At start of a soccer match just a few minutes after the beginning, player felt a tension in his right adductor. He felt no pain or discomfort in his adductor this season and he has no chronic problems with his adductors or pubic bone. Pain started as a sharp sensation during change of direction, but straight runs were painless. He continued playing until he tried to jump and on ground contact pain exploded. He described it as if someone stabbed a knife in his leg, near the groin. He quitted the match immediately.
MRI was done the day after and it showed injury to adductor magnus insertion to femur. Injury was wrongly graded as a grade 1-2 stretch as there was no big muscle tear, more like continuous muscle injury with peak at distal femur insertion. Luckily there was no avulsion fracture.
MRI of adductor magnus injury taken the following day (01.11.2021).
We started immediate therapy, but the greatest challenge was the depth of the injury more than 5 cm in the muscle. For that we have to use special long needles, usually used for lumbar puncture. It is hard to watch but in fact quite painless procedure if done properly with right technique. Adequate knowledge of anatomy and topography is needed to avoid major nerves and blood vessels in the area.
Ultrasound guided injection to adductor magnus
In addition to the injection therapy, physical therapy and exercise program is done. Exercise program is very low intensity just to provoke muscle fibers to regenerate and not strong enough to tear them and make more damage. Control MRI is planned 6 days after the injury.

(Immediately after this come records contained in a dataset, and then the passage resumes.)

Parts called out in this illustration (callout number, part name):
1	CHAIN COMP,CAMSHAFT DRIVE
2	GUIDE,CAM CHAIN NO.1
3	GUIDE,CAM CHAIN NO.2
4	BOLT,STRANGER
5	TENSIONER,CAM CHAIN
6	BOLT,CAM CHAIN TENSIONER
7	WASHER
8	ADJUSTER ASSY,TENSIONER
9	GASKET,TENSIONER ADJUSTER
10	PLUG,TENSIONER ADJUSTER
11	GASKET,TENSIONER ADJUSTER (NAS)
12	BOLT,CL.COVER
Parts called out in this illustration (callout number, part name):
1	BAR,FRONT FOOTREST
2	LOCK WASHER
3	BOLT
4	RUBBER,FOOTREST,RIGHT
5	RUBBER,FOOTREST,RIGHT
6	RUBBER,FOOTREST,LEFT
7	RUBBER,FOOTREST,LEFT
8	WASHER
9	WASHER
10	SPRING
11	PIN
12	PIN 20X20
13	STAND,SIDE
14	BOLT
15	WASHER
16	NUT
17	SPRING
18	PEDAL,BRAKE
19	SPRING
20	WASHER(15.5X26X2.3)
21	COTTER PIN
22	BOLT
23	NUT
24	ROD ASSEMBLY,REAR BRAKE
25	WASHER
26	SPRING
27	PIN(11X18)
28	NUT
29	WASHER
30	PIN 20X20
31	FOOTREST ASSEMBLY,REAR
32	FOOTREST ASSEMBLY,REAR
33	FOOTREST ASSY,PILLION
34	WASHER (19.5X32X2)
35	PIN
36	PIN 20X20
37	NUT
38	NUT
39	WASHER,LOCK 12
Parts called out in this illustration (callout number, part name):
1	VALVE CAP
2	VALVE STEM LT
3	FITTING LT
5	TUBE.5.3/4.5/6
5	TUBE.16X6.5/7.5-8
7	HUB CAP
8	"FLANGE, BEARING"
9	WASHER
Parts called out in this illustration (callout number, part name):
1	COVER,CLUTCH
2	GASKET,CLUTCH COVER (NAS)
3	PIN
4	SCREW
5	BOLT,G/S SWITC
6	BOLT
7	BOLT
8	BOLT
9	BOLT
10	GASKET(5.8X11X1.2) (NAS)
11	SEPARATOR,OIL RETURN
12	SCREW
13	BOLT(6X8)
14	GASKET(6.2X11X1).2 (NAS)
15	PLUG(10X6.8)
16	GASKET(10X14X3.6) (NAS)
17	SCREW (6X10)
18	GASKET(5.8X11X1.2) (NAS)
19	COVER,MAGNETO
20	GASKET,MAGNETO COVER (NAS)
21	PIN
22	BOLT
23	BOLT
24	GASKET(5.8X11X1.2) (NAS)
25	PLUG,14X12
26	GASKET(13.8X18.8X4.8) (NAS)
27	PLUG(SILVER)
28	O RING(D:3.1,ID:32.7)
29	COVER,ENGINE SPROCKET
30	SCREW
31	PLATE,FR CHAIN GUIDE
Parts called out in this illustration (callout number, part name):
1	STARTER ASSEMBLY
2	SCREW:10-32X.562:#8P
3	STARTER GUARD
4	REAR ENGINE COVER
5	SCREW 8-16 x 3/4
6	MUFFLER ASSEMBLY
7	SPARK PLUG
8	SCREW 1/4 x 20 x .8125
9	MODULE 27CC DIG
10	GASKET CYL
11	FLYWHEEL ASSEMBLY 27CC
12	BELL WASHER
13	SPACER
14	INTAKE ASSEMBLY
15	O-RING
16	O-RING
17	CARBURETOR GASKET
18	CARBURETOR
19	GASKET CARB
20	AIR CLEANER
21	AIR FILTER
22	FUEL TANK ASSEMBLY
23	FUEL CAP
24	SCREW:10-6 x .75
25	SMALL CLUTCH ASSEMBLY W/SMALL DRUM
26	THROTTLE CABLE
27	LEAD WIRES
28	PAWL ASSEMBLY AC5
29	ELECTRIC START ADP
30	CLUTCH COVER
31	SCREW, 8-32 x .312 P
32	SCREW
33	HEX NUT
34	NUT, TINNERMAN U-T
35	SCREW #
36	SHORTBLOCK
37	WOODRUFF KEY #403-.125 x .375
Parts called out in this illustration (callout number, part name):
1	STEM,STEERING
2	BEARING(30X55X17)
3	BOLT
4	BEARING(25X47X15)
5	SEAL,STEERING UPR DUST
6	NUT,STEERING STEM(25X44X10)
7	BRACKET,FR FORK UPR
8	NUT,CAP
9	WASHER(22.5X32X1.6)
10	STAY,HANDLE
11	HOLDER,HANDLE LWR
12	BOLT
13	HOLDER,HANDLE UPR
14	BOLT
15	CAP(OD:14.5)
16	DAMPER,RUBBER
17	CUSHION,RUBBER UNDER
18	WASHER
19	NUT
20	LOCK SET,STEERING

Control MRI was done 8 days after the injury. Results were astonishing, practically complete regression of the injury with only small part of injury remaining. Patient is advised to continue with exercise program and gradually start running. Return to full activity and ability to play soccer match is expected within 7-10 days, depending on his personal assessment.
Comparation 8 days pot injury of adductor magnus, before(left) and after(right) the therapy
Why so long to return to match if the muscle is fully healed, you might ask. When injury happens without known mechanical cause, it usually means that the muscle is weaker then needed and it brakes spontaneously. After full healing even thou muscle is fully functional, it is even weaker than before the injury and we must give him time to catchup with the rest of the muscles. Too quick return to play after the injury even when muscle is fully healed usually leads to repeated injury.